WORK REQUIRED:
Only the lines from the start of the data below through the line that contains "Referenced files in" are to be copied, exactly and without pictures.

RAW DATA:
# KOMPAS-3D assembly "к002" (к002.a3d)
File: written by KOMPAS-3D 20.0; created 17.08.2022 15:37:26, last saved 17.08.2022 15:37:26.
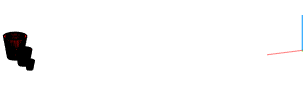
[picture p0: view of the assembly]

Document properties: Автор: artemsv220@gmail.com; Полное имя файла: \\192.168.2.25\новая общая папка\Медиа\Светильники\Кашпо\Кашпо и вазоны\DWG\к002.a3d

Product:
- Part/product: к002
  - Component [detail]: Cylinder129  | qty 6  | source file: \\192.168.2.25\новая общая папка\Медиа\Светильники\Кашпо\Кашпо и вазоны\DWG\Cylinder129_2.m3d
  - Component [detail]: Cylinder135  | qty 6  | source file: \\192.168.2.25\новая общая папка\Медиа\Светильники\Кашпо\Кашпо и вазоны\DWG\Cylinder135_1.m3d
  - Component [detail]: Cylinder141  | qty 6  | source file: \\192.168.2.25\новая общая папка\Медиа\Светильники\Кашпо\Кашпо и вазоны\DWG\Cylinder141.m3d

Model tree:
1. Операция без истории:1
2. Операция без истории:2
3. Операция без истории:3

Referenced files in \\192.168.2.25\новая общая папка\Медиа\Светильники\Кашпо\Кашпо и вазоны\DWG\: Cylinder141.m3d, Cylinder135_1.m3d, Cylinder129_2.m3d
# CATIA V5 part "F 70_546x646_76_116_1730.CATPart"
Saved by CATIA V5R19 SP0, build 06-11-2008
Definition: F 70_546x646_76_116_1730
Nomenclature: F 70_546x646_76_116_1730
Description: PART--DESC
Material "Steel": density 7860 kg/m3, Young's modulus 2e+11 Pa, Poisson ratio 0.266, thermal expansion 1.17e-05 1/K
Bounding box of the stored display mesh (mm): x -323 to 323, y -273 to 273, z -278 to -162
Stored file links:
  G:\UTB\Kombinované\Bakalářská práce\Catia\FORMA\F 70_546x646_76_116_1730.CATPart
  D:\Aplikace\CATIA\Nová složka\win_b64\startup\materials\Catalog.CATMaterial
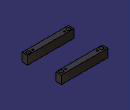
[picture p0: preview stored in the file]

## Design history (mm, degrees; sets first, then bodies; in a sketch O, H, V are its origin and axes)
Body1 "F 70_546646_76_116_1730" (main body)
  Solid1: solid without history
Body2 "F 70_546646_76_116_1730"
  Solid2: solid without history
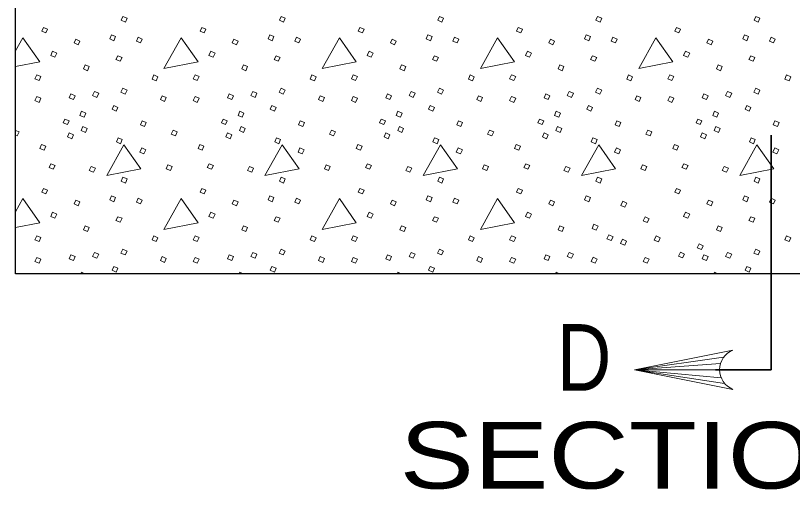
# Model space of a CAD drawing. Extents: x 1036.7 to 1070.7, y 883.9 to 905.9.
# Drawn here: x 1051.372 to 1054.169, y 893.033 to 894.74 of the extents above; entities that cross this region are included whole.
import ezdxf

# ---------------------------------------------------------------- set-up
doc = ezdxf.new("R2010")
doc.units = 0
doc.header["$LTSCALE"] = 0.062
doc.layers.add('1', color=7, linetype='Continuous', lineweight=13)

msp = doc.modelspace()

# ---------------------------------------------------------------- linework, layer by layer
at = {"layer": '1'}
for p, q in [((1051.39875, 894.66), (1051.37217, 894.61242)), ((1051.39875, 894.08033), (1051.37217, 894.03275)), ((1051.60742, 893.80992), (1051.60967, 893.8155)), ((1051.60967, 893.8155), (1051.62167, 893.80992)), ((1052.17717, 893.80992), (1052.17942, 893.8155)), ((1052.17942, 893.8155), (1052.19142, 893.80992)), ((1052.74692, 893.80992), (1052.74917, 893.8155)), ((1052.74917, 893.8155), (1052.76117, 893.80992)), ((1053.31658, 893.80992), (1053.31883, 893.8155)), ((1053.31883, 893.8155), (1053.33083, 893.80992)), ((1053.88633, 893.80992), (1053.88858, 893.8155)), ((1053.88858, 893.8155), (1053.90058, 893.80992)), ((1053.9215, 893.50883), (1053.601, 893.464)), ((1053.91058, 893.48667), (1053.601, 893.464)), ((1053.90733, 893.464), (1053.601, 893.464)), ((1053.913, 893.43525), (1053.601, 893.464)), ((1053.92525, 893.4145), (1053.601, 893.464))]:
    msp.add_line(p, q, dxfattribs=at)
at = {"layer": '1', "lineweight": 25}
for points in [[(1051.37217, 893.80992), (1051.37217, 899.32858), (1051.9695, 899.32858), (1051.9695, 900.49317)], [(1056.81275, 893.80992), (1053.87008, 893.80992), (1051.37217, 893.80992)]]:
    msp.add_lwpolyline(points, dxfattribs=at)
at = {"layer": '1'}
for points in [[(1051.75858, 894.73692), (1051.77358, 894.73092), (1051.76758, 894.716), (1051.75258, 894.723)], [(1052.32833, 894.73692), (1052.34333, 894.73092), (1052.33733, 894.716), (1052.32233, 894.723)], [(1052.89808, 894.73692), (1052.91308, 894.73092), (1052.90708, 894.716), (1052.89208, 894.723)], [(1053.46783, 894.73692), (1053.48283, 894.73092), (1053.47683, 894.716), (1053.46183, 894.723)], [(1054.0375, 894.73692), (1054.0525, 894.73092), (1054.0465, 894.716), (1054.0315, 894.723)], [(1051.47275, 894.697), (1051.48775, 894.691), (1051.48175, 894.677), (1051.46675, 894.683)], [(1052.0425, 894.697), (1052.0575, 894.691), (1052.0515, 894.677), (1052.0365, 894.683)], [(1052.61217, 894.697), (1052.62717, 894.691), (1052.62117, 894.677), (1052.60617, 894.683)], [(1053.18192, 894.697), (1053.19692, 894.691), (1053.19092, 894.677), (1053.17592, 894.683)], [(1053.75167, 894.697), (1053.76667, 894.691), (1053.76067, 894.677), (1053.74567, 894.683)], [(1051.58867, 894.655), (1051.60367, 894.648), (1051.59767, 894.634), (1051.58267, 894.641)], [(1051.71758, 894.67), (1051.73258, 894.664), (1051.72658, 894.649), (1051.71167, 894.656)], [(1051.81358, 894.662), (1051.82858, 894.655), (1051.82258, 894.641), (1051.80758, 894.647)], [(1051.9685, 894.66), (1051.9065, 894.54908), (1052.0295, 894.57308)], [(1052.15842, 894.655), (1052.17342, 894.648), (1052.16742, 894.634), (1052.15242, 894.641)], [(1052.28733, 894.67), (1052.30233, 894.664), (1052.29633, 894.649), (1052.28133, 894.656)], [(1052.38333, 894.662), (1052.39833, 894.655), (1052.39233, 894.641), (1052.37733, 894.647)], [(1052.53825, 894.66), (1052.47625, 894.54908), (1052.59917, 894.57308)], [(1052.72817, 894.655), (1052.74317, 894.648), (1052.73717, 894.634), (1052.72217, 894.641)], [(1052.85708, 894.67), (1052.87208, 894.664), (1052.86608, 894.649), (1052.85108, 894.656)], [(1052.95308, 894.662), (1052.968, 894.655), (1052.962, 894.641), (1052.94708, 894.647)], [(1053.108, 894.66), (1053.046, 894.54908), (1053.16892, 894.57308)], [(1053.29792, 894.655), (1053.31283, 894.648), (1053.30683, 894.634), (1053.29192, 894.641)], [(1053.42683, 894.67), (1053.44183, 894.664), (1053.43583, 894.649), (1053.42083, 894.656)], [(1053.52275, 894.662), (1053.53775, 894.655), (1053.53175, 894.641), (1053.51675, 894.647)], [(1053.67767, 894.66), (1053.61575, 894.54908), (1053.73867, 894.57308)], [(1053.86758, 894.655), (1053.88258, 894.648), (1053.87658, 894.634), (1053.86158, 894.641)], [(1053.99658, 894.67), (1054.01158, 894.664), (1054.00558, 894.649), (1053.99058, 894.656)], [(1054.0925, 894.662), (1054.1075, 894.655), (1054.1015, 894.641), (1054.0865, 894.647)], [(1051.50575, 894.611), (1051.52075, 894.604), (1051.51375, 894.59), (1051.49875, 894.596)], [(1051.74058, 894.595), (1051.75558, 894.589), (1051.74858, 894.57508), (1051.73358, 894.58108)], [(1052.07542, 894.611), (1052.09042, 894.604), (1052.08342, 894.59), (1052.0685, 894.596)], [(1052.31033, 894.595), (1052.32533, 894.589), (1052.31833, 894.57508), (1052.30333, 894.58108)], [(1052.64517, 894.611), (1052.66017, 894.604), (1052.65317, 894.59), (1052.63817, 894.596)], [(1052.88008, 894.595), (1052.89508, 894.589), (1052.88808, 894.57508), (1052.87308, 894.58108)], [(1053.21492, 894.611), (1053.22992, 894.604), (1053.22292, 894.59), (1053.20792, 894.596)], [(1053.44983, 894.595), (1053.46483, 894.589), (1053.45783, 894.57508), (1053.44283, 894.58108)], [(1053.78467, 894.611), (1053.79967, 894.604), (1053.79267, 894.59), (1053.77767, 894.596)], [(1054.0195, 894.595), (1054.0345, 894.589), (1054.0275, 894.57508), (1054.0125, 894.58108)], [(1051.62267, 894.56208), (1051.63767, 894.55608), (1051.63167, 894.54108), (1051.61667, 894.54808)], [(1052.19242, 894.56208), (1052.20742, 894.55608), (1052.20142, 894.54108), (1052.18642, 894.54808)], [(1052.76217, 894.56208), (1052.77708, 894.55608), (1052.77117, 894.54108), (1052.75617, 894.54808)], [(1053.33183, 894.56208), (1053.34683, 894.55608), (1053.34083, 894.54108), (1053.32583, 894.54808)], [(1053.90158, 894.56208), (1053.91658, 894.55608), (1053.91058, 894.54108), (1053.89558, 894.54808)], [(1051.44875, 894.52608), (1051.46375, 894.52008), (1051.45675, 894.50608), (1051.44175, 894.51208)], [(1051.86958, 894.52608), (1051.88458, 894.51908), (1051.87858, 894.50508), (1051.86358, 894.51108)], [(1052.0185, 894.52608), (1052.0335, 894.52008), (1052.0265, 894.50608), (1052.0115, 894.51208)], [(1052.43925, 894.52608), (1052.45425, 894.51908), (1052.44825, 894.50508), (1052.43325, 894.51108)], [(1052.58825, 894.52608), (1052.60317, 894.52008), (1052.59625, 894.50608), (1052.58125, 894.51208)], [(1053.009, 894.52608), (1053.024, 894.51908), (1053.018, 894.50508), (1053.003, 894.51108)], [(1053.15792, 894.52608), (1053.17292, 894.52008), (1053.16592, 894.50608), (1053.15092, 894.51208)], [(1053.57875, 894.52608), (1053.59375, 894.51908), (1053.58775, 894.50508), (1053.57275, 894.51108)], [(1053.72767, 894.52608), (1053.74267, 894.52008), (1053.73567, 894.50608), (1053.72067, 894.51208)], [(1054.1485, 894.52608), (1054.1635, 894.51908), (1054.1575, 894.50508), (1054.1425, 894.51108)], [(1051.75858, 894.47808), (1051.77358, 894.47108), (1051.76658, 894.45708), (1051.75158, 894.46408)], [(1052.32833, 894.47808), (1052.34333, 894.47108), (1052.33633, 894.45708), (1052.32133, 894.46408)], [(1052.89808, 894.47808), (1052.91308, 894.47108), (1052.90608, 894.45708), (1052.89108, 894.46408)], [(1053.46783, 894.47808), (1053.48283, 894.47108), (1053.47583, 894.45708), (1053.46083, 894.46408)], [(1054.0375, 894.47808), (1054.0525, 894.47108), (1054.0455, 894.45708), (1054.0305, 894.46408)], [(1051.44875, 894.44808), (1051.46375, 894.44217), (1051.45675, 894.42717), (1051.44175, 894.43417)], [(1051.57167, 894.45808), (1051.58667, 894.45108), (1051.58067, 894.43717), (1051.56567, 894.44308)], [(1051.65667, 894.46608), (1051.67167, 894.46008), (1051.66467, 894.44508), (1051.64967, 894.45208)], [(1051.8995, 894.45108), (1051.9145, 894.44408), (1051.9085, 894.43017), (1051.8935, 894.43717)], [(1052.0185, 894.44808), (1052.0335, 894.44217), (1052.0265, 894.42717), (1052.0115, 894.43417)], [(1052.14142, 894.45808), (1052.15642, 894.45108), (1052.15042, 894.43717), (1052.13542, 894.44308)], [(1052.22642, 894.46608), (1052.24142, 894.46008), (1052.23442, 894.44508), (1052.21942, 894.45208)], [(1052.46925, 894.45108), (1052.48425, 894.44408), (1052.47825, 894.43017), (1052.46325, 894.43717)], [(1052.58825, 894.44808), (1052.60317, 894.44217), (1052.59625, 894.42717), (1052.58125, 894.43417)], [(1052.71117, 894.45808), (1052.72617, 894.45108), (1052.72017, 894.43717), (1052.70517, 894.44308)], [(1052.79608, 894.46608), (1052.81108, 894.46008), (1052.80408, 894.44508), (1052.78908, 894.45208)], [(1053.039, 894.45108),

WRITTEN REPLY:
# KOMPAS-3D assembly "к002" (к002.a3d)
File: written by KOMPAS-3D 20.0; created 17.08.2022 15:37:26, last saved 17.08.2022 15:37:26.
[picture p0: view of the assembly]

Document properties: Автор: artemsv220@gmail.com; Полное имя файла: \\192.168.2.25\новая общая папка\Медиа\Светильники\Кашпо\Кашпо и вазоны\DWG\к002.a3d

Product:
- Part/product: к002
  - Component [detail]: Cylinder129  | qty 6  | source file: \\192.168.2.25\новая общая папка\Медиа\Светильники\Кашпо\Кашпо и вазоны\DWG\Cylinder129_2.m3d
  - Component [detail]: Cylinder135  | qty 6  | source file: \\192.168.2.25\новая общая папка\Медиа\Светильники\Кашпо\Кашпо и вазоны\DWG\Cylinder135_1.m3d
  - Component [detail]: Cylinder141  | qty 6  | source file: \\192.168.2.25\новая общая папка\Медиа\Светильники\Кашпо\Кашпо и вазоны\DWG\Cylinder141.m3d

Model tree:
1. Операция без истории:1
2. Операция без истории:2
3. Операция без истории:3

Referenced files in \\192.168.2.25\новая общая папка\Медиа\Светильники\Кашпо\Кашпо и вазоны\DWG\: Cylinder141.m3d, Cylinder135_1.m3d, Cylinder129_2.m3d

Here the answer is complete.